ACTIVITY.
Look through the listing for the word "picture". Copy each line that has it.

INFORMATION PROVIDED.

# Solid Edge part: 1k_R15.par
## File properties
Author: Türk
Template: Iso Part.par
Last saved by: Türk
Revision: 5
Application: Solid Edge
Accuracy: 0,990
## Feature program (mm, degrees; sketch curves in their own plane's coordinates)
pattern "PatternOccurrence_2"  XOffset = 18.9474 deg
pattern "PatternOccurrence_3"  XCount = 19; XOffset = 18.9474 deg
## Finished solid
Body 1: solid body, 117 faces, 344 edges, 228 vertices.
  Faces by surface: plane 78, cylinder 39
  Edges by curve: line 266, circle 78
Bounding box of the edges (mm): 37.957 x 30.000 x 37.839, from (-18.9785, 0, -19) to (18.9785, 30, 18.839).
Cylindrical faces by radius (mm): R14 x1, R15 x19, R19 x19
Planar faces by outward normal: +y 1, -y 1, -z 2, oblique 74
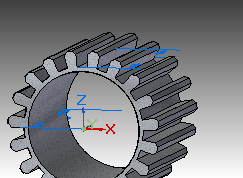
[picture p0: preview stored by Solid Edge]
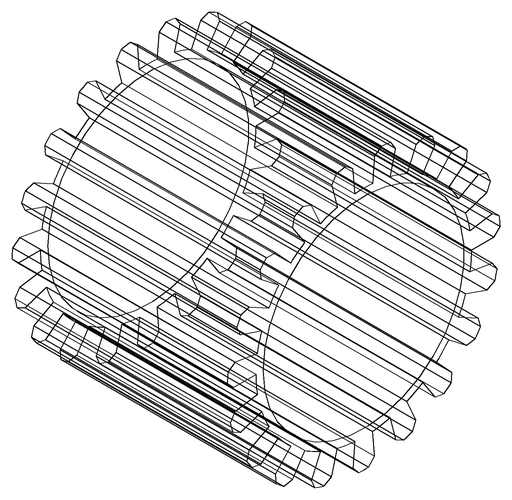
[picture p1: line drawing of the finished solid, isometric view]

EXERCISE ANSWER.
[picture p0: preview stored by Solid Edge]
[picture p1: line drawing of the finished solid, isometric view]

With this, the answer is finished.